• Provided information
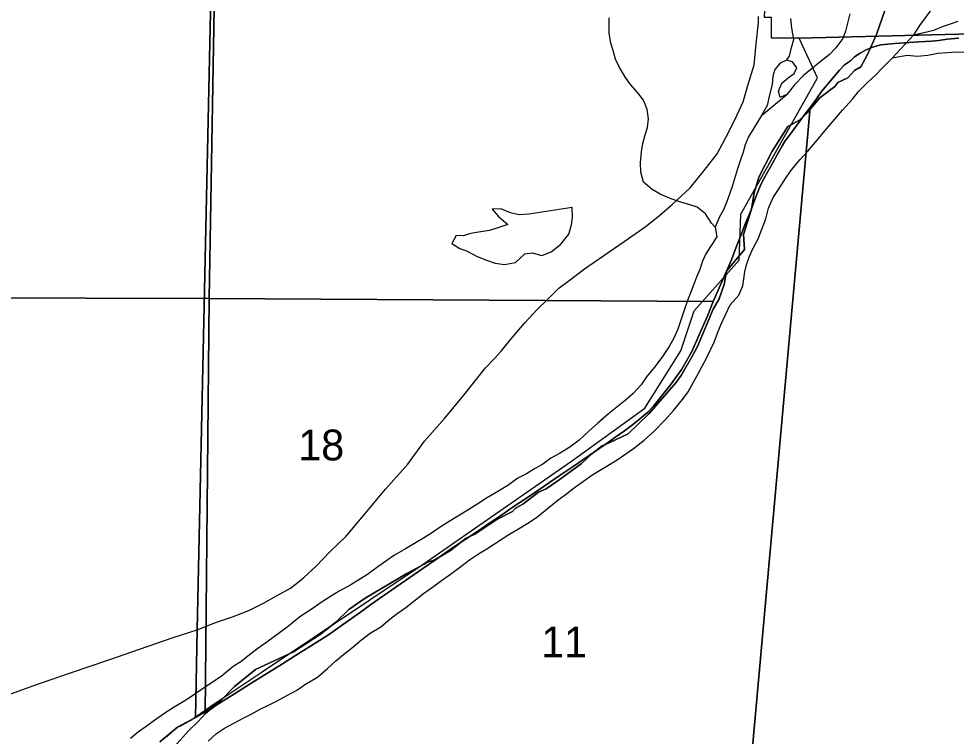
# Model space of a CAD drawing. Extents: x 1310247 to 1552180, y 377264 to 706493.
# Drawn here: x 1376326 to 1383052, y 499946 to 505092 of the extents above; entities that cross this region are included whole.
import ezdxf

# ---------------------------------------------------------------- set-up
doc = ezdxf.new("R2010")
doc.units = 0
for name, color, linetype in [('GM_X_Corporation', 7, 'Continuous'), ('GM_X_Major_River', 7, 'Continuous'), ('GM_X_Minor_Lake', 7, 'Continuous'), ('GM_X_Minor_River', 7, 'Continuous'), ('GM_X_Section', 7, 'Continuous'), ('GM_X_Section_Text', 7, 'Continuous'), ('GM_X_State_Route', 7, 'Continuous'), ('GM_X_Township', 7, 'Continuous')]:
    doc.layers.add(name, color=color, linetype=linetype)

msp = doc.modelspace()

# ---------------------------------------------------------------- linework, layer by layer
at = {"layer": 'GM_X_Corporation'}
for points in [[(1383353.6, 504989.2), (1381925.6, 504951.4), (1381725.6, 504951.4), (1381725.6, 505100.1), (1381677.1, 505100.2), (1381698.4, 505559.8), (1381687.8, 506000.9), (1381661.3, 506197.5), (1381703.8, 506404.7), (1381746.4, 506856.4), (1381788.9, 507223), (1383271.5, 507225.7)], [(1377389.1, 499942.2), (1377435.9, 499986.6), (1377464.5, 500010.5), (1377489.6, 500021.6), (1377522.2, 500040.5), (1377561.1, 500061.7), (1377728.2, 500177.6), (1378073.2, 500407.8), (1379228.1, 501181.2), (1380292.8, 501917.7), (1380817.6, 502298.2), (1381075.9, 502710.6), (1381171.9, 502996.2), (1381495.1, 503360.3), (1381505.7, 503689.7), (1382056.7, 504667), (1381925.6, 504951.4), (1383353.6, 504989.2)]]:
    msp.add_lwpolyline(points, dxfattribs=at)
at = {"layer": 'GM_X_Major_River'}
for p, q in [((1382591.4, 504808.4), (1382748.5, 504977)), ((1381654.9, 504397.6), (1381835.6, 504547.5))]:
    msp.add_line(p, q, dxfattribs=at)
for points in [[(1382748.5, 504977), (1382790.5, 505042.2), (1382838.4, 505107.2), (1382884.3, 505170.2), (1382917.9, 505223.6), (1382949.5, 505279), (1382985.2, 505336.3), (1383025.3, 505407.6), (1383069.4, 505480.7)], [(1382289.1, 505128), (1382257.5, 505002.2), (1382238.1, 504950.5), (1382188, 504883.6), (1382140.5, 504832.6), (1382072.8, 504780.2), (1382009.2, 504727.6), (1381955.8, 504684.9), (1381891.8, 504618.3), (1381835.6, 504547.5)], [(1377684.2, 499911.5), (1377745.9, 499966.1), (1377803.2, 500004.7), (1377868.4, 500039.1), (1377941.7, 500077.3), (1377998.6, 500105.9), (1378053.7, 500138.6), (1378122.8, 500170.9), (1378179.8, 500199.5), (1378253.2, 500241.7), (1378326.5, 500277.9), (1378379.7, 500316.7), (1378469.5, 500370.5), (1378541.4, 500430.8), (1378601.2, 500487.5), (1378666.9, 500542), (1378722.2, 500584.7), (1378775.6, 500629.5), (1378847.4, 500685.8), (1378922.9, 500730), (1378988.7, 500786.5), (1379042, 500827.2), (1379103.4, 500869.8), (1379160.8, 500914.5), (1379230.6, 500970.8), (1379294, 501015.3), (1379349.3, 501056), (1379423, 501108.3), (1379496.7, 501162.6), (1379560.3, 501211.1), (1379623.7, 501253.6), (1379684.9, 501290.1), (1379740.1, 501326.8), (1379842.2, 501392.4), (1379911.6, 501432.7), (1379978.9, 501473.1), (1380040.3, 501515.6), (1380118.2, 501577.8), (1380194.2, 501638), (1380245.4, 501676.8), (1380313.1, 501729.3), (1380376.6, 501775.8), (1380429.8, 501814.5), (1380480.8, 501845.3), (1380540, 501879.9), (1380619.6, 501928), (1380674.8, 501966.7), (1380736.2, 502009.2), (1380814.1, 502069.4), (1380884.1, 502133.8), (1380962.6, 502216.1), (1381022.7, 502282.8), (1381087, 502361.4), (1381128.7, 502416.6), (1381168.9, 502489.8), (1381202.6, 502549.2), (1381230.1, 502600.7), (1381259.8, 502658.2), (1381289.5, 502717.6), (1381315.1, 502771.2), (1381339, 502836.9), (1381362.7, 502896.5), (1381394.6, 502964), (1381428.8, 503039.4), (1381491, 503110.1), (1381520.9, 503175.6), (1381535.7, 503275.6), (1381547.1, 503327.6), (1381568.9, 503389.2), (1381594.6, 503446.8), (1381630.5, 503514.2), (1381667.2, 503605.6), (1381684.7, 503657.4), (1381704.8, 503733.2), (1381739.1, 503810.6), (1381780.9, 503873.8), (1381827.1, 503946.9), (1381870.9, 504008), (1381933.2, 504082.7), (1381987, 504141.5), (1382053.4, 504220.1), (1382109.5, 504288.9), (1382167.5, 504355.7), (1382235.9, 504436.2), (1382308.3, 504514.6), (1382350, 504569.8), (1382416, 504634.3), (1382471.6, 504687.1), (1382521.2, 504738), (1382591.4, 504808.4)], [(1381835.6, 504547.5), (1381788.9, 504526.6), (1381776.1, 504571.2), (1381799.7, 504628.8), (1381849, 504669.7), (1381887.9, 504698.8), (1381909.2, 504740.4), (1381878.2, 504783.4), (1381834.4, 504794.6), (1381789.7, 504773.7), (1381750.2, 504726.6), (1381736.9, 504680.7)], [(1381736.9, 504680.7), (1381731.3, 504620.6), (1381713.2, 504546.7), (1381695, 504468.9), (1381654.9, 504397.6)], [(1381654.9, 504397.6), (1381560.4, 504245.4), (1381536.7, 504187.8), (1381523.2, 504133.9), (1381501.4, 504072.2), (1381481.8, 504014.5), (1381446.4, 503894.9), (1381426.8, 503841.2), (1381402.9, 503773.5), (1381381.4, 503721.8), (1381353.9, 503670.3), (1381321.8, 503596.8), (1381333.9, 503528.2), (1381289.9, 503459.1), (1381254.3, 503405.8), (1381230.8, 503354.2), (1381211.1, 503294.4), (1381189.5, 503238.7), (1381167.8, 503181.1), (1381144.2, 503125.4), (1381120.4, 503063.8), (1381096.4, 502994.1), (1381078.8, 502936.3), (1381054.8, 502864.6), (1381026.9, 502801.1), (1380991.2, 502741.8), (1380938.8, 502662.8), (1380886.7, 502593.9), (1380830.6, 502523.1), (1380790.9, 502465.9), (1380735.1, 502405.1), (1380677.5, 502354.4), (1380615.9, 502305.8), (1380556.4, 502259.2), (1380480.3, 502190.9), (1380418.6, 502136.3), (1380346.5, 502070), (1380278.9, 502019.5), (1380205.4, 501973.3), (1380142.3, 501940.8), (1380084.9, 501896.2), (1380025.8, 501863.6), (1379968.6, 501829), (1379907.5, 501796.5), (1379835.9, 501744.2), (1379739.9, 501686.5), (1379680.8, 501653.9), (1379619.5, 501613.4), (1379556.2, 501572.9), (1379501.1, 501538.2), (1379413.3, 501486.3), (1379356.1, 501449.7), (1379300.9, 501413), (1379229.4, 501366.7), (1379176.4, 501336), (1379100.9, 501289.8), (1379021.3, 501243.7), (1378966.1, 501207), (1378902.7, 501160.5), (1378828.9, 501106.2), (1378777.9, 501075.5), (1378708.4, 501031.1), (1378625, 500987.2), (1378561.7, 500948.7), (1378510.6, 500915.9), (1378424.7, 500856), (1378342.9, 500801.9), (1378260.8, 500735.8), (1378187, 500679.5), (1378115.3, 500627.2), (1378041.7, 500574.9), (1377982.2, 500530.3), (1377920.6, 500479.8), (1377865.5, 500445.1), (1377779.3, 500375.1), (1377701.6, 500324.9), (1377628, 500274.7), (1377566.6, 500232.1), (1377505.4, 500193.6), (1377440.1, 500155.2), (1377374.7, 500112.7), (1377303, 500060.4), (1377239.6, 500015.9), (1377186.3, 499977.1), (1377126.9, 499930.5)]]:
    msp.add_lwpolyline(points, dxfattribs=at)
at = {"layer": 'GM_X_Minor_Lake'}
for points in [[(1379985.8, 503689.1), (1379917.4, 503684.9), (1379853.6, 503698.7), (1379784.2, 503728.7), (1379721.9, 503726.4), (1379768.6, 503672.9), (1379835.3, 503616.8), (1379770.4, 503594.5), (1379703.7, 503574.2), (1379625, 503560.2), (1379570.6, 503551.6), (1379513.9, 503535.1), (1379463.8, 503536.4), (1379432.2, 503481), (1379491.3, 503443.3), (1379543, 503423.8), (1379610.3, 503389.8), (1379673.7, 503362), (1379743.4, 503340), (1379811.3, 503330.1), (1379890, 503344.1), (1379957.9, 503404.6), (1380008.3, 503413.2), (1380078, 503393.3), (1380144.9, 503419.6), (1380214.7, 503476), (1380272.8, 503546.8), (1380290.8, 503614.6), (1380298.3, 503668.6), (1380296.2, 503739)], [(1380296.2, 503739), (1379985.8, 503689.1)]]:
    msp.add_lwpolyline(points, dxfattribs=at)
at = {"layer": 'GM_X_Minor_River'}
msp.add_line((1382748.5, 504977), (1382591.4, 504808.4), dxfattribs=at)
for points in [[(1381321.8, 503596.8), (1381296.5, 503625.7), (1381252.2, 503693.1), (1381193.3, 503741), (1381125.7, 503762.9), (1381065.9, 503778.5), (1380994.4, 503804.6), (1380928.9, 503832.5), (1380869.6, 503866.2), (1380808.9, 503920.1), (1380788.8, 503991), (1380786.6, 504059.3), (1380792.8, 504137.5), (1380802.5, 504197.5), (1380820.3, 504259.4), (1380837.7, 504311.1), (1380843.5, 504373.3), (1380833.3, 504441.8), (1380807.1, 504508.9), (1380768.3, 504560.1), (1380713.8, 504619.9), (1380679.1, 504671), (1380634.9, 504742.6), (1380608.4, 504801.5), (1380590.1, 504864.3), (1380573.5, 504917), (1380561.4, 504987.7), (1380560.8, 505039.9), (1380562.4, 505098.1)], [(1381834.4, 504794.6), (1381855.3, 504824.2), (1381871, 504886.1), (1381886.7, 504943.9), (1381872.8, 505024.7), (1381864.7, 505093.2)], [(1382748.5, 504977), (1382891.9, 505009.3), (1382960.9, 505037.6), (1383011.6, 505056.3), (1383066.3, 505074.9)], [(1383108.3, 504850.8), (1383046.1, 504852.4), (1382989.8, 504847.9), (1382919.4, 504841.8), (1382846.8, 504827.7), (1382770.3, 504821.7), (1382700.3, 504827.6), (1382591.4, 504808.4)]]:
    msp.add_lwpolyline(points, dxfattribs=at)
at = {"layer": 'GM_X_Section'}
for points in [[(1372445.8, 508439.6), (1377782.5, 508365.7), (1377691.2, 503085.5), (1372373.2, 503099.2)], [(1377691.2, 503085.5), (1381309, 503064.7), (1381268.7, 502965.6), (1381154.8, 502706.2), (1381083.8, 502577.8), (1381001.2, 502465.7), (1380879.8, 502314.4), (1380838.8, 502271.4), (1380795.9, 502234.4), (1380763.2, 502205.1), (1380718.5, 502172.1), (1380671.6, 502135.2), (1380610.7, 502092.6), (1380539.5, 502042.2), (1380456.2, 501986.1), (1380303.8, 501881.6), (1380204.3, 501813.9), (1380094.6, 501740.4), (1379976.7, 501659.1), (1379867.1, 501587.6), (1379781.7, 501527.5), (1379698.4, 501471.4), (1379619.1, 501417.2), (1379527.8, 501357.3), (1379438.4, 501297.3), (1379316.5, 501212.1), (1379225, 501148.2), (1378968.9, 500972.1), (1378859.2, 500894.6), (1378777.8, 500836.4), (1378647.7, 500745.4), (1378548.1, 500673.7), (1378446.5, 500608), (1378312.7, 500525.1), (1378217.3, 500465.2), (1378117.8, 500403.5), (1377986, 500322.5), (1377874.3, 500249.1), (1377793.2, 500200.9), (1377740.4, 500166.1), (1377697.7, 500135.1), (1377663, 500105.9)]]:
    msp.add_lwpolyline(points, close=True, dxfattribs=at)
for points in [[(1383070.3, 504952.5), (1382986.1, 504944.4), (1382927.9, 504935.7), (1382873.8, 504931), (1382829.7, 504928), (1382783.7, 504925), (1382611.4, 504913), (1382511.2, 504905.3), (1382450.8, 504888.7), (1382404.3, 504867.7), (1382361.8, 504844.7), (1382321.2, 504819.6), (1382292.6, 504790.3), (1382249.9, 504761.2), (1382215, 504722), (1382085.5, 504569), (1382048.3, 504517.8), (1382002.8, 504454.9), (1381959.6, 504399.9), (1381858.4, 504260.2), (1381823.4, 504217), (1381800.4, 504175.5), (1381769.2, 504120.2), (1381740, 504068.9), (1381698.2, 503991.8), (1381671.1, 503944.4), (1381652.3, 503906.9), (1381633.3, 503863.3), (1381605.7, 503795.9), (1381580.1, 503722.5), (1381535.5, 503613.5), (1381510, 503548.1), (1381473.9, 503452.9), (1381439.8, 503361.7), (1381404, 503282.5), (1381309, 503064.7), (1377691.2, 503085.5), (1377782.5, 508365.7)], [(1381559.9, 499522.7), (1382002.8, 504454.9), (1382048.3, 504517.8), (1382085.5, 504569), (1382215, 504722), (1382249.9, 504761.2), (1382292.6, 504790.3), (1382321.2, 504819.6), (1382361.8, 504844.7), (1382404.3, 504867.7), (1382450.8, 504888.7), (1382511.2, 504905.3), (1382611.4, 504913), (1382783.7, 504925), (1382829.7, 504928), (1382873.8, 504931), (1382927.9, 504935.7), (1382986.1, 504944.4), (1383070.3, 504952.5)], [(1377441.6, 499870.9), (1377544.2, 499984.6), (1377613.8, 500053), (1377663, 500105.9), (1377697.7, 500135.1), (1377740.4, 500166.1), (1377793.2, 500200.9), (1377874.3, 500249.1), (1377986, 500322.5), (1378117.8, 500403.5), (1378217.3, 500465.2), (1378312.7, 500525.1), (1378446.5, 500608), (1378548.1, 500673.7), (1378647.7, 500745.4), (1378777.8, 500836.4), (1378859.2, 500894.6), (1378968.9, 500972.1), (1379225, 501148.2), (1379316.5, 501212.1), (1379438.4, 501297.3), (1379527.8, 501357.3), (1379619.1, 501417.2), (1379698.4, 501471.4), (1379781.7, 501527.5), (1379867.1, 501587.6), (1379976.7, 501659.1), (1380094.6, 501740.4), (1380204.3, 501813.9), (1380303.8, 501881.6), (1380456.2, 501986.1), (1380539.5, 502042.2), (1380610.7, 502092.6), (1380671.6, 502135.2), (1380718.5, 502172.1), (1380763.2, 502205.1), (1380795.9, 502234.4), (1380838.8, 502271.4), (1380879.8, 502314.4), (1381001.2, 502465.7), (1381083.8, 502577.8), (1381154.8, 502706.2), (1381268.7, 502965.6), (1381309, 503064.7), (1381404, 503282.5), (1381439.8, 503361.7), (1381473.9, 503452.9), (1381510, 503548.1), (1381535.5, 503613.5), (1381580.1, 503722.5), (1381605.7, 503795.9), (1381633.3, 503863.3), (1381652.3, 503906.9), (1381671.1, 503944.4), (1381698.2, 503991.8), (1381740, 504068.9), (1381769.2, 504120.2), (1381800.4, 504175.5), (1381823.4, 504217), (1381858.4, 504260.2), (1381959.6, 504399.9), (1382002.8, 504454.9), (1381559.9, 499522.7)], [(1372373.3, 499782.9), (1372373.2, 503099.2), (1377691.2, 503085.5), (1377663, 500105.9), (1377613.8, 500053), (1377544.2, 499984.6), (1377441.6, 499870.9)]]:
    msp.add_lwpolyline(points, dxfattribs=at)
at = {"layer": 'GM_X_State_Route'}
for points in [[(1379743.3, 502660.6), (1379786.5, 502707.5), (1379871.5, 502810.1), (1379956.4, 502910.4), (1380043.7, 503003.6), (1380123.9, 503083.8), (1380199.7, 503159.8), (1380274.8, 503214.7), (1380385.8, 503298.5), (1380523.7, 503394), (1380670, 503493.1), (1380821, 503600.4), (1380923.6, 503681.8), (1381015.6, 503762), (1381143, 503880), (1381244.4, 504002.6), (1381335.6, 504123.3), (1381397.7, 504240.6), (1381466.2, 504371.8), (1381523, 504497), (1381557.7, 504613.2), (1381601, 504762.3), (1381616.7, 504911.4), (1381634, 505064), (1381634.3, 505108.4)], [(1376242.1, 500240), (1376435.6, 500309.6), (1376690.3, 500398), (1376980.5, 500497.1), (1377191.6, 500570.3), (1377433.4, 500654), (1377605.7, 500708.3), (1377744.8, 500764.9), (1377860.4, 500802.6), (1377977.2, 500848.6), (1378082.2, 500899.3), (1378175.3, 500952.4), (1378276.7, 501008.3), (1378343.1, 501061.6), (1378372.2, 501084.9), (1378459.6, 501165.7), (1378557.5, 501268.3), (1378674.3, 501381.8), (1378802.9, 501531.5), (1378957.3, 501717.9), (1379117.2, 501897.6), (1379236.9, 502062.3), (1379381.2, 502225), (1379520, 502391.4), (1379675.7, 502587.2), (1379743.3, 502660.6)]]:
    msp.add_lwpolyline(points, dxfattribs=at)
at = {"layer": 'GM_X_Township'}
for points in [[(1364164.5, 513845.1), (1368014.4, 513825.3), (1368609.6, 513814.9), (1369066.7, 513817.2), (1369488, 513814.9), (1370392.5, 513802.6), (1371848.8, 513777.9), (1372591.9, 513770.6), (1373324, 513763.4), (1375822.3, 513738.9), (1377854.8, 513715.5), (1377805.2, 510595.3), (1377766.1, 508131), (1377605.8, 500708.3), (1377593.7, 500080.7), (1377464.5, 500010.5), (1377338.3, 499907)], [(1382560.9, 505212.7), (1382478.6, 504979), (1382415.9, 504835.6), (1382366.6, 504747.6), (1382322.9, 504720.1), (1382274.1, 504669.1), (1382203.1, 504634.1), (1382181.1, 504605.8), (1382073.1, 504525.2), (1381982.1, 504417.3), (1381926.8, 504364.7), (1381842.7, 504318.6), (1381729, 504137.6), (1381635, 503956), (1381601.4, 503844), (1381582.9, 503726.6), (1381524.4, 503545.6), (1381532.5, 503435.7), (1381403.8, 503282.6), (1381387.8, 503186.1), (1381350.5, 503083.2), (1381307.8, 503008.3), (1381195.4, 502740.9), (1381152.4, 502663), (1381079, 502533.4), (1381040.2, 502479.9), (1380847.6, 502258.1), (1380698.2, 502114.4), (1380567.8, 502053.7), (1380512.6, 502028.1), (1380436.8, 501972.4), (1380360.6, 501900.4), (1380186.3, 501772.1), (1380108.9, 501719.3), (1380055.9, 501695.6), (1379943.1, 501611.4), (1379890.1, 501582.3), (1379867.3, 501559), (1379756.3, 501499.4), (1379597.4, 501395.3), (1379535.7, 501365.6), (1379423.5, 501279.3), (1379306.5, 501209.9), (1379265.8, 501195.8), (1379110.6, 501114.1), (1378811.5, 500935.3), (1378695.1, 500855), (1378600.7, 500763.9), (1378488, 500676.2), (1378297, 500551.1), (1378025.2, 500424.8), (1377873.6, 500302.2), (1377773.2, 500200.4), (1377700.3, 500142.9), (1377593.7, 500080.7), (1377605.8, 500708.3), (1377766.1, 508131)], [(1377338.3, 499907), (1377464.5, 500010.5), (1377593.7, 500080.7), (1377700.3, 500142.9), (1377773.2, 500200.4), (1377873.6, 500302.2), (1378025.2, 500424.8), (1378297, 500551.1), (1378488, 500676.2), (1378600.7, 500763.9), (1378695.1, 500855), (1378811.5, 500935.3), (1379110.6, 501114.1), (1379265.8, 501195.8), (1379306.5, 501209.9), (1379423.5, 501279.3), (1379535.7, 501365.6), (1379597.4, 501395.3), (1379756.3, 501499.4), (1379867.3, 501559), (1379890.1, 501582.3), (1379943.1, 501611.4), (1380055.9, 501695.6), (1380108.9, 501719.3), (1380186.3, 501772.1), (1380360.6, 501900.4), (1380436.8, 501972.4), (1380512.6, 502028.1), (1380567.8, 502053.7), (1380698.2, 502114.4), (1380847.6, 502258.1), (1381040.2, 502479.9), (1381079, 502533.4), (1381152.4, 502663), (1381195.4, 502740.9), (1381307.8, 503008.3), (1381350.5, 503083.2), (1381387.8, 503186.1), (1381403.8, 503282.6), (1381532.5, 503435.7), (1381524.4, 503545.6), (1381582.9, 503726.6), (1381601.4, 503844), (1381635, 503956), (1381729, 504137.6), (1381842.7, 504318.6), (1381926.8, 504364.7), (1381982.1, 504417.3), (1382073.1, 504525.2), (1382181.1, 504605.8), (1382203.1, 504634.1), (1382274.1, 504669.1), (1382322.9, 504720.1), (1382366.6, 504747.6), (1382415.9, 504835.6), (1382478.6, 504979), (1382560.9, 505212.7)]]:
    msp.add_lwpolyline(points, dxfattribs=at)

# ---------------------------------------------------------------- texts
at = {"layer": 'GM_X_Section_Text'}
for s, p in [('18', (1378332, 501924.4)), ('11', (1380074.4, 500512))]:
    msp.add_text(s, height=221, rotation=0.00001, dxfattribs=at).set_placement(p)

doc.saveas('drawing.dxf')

• What the task asks
After reading through the material, report every line that holds "name".

• Task solution
for name, color, linetype in [('GM_X_Corporation', 7, 'Continuous'), ('GM_X_Major_River', 7, 'Continuous'), ('GM_X_Minor_Lake', 7, 'Continuous'), ('GM_X_Minor_River', 7, 'Continuous'), ('GM_X_Section', 7, 'Continuous'), ('GM_X_Section_Text', 7, 'Continuous'), ('GM_X_State_Route', 7, 'Continuous'), ('GM_X_Township', 7, 'Continuous')]:
    doc.layers.add(name, color=color, linetype=linetype)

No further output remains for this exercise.